# Hello New Car (Subaru Outback) - Pics of New vs. Old



## Dave KG (Feb 23, 2006)

Picked up today, my new 65-reg Subaru Outback 2.0 D SE. Impressed with the previous Outback, but choosing this time to change at a reasonable mileage to a car in warranty, cost to change for me made sense strangely to take a new car. Not PCP, my mileage is too high, so bought and while it goes against my usual buying a used car, I fancied a new one and you only live once 

This is the standard Outback, in Crystal White Pearl - it will have leather seats installed next month (currently with a re-trimmer, delay due to new model of car, so dealer gave me the car with cloth seats and sent seats from another Outback to be retrimmed, and they will be fitted when the car is in getting the run-in oil change at 1000 miles.

Thought I'd post a wee thread of new vs. old...

The new car has a higher, bulkier stance than the old one but apparently is more aerodynamic... I like the new shape, I will miss the little scoop in the bonnet for the intercooler but overall I think the new shape is an improvement on the outgoing shape - nothing fancy, functional and smart looking:









Interiors have never really been a Subaru strong point... well made, sure, but never what you could call plush! My old Forester (2006) was solidly made but felt like 1990s Jap car with cheap hard plastics and little refinement in the detail. The old Outback that I had was a massive improvement but still retained the harder plastics so lacked the quality feel despite being very solidly put together. The old car was very comfortable, superbly equipped and the interior was certainly smart if not inspirational...





The interior of the new car has been where some of the biggest steps forward have been made - plush feeling softer plastics give the feeling of much higher quality, the high build quality remains and the overall look of the interior shows how dated the old model was...

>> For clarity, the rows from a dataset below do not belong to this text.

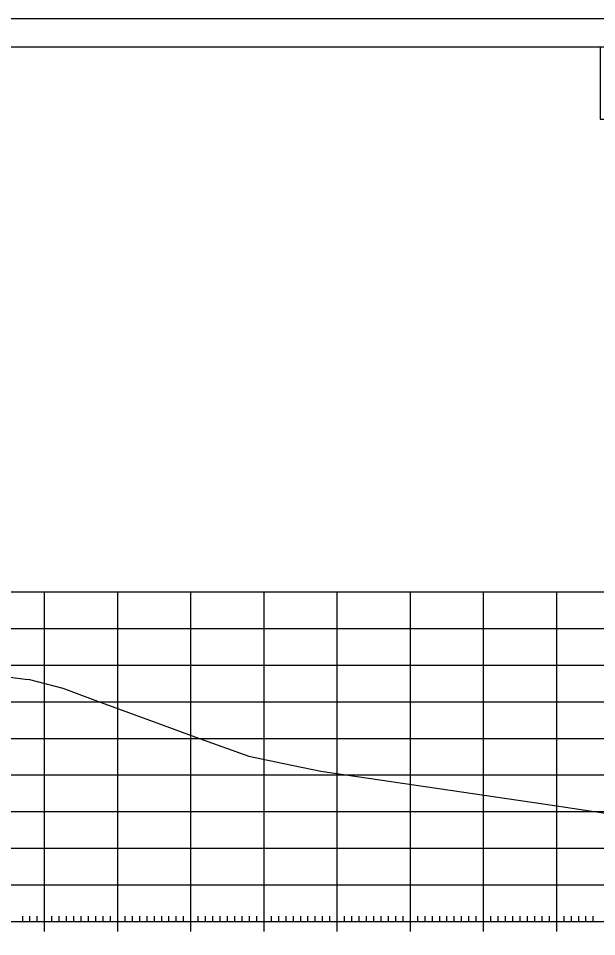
# Model space of a CAD drawing. Extents: x 1322838 to 1324533, y 339903 to 351025.
# Drawn here: x 1323700.1 to 1323779.2, y 350686.5 to 350811.9 of the extents above; entities that cross this region are included whole.
import ezdxf

# ---------------------------------------------------------------- set-up
doc = ezdxf.new("R2010")
doc.units = 0
for name, color, linetype in [('R_Axis', 7, 'Continuous'), ('R_Exist Surface', 7, 'Continuous'), ('R_Grid', 7, 'Continuous'), ('R_No Plot', 7, 'Continuous')]:
    doc.layers.add(name, color=color, linetype=linetype)

msp = doc.modelspace()

# ---------------------------------------------------------------- linework, layer by layer
at = {"layer": 'R_Axis'}
for p, q in [((1323703.72, 350687.18), (1323703.72, 350689.98)), ((1323713.72, 350687.18), (1323713.72, 350689.98)), ((1323723.72, 350687.18), (1323723.72, 350689.98)), ((1323733.72, 350687.18), (1323733.72, 350689.98)), ((1323743.72, 350687.18), (1323743.72, 350689.98)), ((1323753.72, 350687.18), (1323753.72, 350689.98)), ((1323763.72, 350687.18), (1323763.72, 350689.98)), ((1323773.72, 350687.18), (1323773.72, 350689.98)), ((1323563.72, 350688.58), (1323843.72, 350688.58)), ((1323700.72, 350688.58), (1323700.72, 350689.28)), ((1323701.72, 350688.58), (1323701.72, 350689.28)), ((1323702.72, 350688.58), (1323702.72, 350689.28)), ((1323704.72, 350688.58), (1323704.72, 350689.28)), ((1323705.72, 350688.58), (1323705.72, 350689.28)), ((1323706.72, 350688.58), (1323706.72, 350689.28)), ((1323707.72, 350688.58), (1323707.72, 350689.28)), ((1323708.72, 350688.58), (1323708.72, 350689.28)), ((1323709.72, 350688.58), (1323709.72, 350689.28)), ((1323710.72, 350688.58), (1323710.72, 350689.28)), ((1323711.72, 350688.58), (1323711.72, 350689.28)), ((1323712.72, 350688.58), (1323712.72, 350689.28)), ((1323714.72, 350688.58), (1323714.72, 350689.28)), ((1323715.72, 350688.58), (1323715.72, 350689.28)), ((1323716.72, 350688.58), (1323716.72, 350689.28)), ((1323717.72, 350688.58), (1323717.72, 350689.28)), ((1323718.72, 350688.58), (1323718.72, 350689.28)), ((1323719.72, 350688.58), (1323719.72, 350689.28)), ((1323720.72, 350688.58), (1323720.72, 350689.28)), ((1323721.72, 350688.58), (1323721.72, 350689.28)), ((1323722.72, 350688.58), (1323722.72, 350689.28)), ((1323724.72, 350688.58), (1323724.72, 350689.28)), ((1323725.72, 350688.58), (1323725.72, 350689.28)), ((1323726.72, 350688.58), (1323726.72, 350689.28)), ((1323727.72, 350688.58), (1323727.72, 350689.28)), ((1323728.72, 350688.58), (1323728.72, 350689.28)), ((1323729.72, 350688.58), (1323729.72, 350689.28)), ((1323730.72, 350688.58), (1323730.72, 350689.28)), ((1323731.72, 350688.58), (1323731.72, 350689.28)), ((1323732.72, 350688.58), (1323732.72, 350689.28)), ((1323734.72, 350688.58), (1323734.72, 350689.28)), ((1323735.72, 350688.58), (1323735.72, 350689.28)), ((1323736.72, 350688.58), (1323736.72, 350689.28)), ((1323737.72, 350688.58), (1323737.72, 350689.28)), ((1323738.72, 350688.58), (1323738.72, 350689.28)), ((1323739.72, 350688.58), (1323739.72, 350689.28)), ((1323740.72, 350688.58), (1323740.72, 350689.28)), ((1323741.72, 350688.58), (1323741.72, 350689.28)), ((1323742.72, 350688.58), (1323742.72, 350689.28)), ((1323744.72, 350688.58), (1323744.72, 350689.28)), ((1323745.72, 350688.58), (1323745.72, 350689.28)), ((1323746.72, 350688.58), (1323746.72, 350689.28)), ((1323747.72, 350688.58), (1323747.72, 350689.28)), ((1323748.72, 350688.58), (1323748.72, 350689.28)), ((1323749.72, 350688.58), (1323749.72, 350689.28)), ((1323750.72, 350688.58), (1323750.72, 350689.28)), ((1323751.72, 350688.58), (1323751.72, 350689.28)), ((1323752.72, 350688.58), (1323752.72, 350689.28)), ((1323754.72, 350688.58), (1323754.72, 350689.28)), ((1323755.72, 350688.58), (1323755.72, 350689.28)), ((1323756.72, 350688.58), (1323756.72, 350689.28)), ((1323757.72, 350688.58), (1323757.72, 350689.28)), ((1323758.72, 350688.58), (1323758.72, 350689.28)), ((1323759.72, 350688.58), (1323759.72, 350689.28)), ((1323760.72, 350688.58), (1323760.72, 350689.28)), ((1323761.72, 350688.58), (1323761.72, 350689.28)), ((1323762.72, 350688.58), (1323762.72, 350689.28)), ((1323764.72, 350688.58), (1323764.72, 350689.28)), ((1323765.72, 350688.58), (1323765.72, 350689.28)), ((1323766.72, 350688.58), (1323766.72, 350689.28)), ((1323767.72, 350688.58), (1323767.72, 350689.28)), ((1323768.72, 350688.58), (1323768.72, 350689.28)), ((1323769.72, 350688.58), (1323769.72, 350689.28)), ((1323770.72, 350688.58), (1323770.72, 350689.28)), ((1323771.72, 350688.58), (1323771.72, 350689.28)), ((1323772.72, 350688.58), (1323772.72, 350689.28)), ((1323774.72, 350688.58), (1323774.72, 350689.28)), ((1323775.72, 350688.58), (1323775.72, 350689.28)), ((1323776.72, 350688.58), (1323776.72, 350689.28)), ((1323777.72, 350688.58), (1323777.72, 350689.28)), ((1323778.72, 350688.58), (1323778.72, 350689.28))]:
    msp.add_line(p, q, dxfattribs=at)
at = {"layer": 'R_Exist Surface'}
msp.add_lwpolyline([(1323698.7, 350721.97), (1323701.08, 350721.67), (1323701.65, 350721.6), (1323702.68, 350721.33), (1323706.19, 350720.43), (1323710.95, 350718.68), (1323719.04, 350715.72), (1323724.26, 350713.81), (1323731.65, 350711.15), (1323736.43, 350710.14), (1323741.47, 350709.09), (1323773.43, 350704.39), (1323817.21, 350697.82), (1323843.72, 350694.91)], dxfattribs=at)
at = {"layer": 'R_Grid'}
for p, q in [((1323563.72, 350733.58), (1323843.72, 350733.58)), ((1323703.72, 350688.58), (1323703.72, 350733.58)), ((1323713.72, 350688.58), (1323713.72, 350733.58)), ((1323723.72, 350688.58), (1323723.72, 350733.58)), ((1323733.72, 350688.58), (1323733.72, 350733.58)), ((1323743.72, 350688.58), (1323743.72, 350733.58)), ((1323753.72, 350688.58), (1323753.72, 350733.58)), ((1323763.72, 350688.58), (1323763.72, 350733.58)), ((1323773.72, 350688.58), (1323773.72, 350733.58)), ((1323563.72, 350728.58), (1323843.72, 350728.58)), ((1323563.72, 350723.58), (1323843.72, 350723.58)), ((1323563.72, 350718.58), (1323843.72, 350718.58)), ((1323563.72, 350713.58), (1323843.72, 350713.58)), ((1323563.72, 350708.58), (1323843.72, 350708.58)), ((1323563.72, 350703.58), (1323843.72, 350703.58)), ((1323563.72, 350698.58), (1323843.72, 350698.58)), ((1323563.72, 350693.58), (1323843.72, 350693.58)), ((1323563.72, 350688.58), (1323843.72, 350688.58))]:
    msp.add_line(p, q, dxfattribs=at)
at = {"layer": 'R_No Plot'}
for p, q in [((1323533.31, 350811.94), (1323866.65, 350811.94)), ((1323545.72, 350808.04), (1323861.9, 350808.04))]:
    msp.add_line(p, q, dxfattribs=at)
for points in [[(1323533.31, 350811.94), (1323866.65, 350811.94), (1323866.65, 350598.6), (1323533.31, 350598.6)], [(1323779.64, 350808.04), (1323779.64, 350798.16), (1323815.37, 350798.16), (1323815.37, 350795.24), (1323838.57, 350795.24), (1323838.57, 350770.91), (1323861.9, 350770.91), (1323861.9, 350602.58), (1323545.72, 350602.58), (1323545.72, 350808.04)]]:
    msp.add_lwpolyline(points, close=True, dxfattribs=at)

doc.saveas('drawing.dxf')

A 7" touch screen dominates the centre panel, but is easy to use and pairs very easily to my phone. All features not yet investigated but I'll get there and do a proper review in a wee while once I've bedded the car in. It is still very much function first in there, but it now has a greater air of quality to it... and for a funky and fun interior, I have my gf's Mini 

Engine wise, same as before... a 2.0 litre, 4-cyl Turbo Diesel ... a flat four Boxer diesel of course, being Subaru. Little tweaks to the new engine so it is now Euro 6, the old one was Euro 5 but overall the engine behaves very similarly... the old model had more of a rattle at low rpm, the new one has more of a diesel rattle at high rpm but does need bedded in. Overall, the new engine is a little quieter but retains the character of the Boxer diesel which was a decent turn of power from higher than you'd expect rpm for a diesel and a Boxer roar starting to come in at high rpm...

Old...



New...





As always for my cars, don't expect this one to be a cosseted garage queen - its a 30k mile a year workhorse that will be expected to get me anywhere in all weathers... winter tyres ordered and enroute from Mytyres for the winter season... I'll do a fuller review of my thoughts of this new car as I learn it, and of course, once I get a chance to fully detail it... with the white pearl, Zaino is springing to mind


----------



## WHIZZER (Oct 25, 2005)

Looks great Dave - Zaino good choice on White


----------



## transtek (Mar 2, 2007)

Congrats Dave! Let us know how you get on in the snow in the new version! Personally, I prefer the exterior of the older model, as it is a bit more subtle and less SUV-ish compared to the new one.


----------



## Zetec-al (Feb 28, 2011)

Nice looking car!

Good see another post from you again.


----------



## Dave KG (Feb 23, 2006)

Hopefully it will be as good in the snow as the previous Outback was... its pretty much the same 4x4 system and the same tyre size (soon to be the same winter tyres), and a little extra ground clearance. It'll certainly be put to the test though, I bought a 4x4 for a reason


----------



## NiallSD (May 21, 2013)

Look forward to the pics with the dogs too!!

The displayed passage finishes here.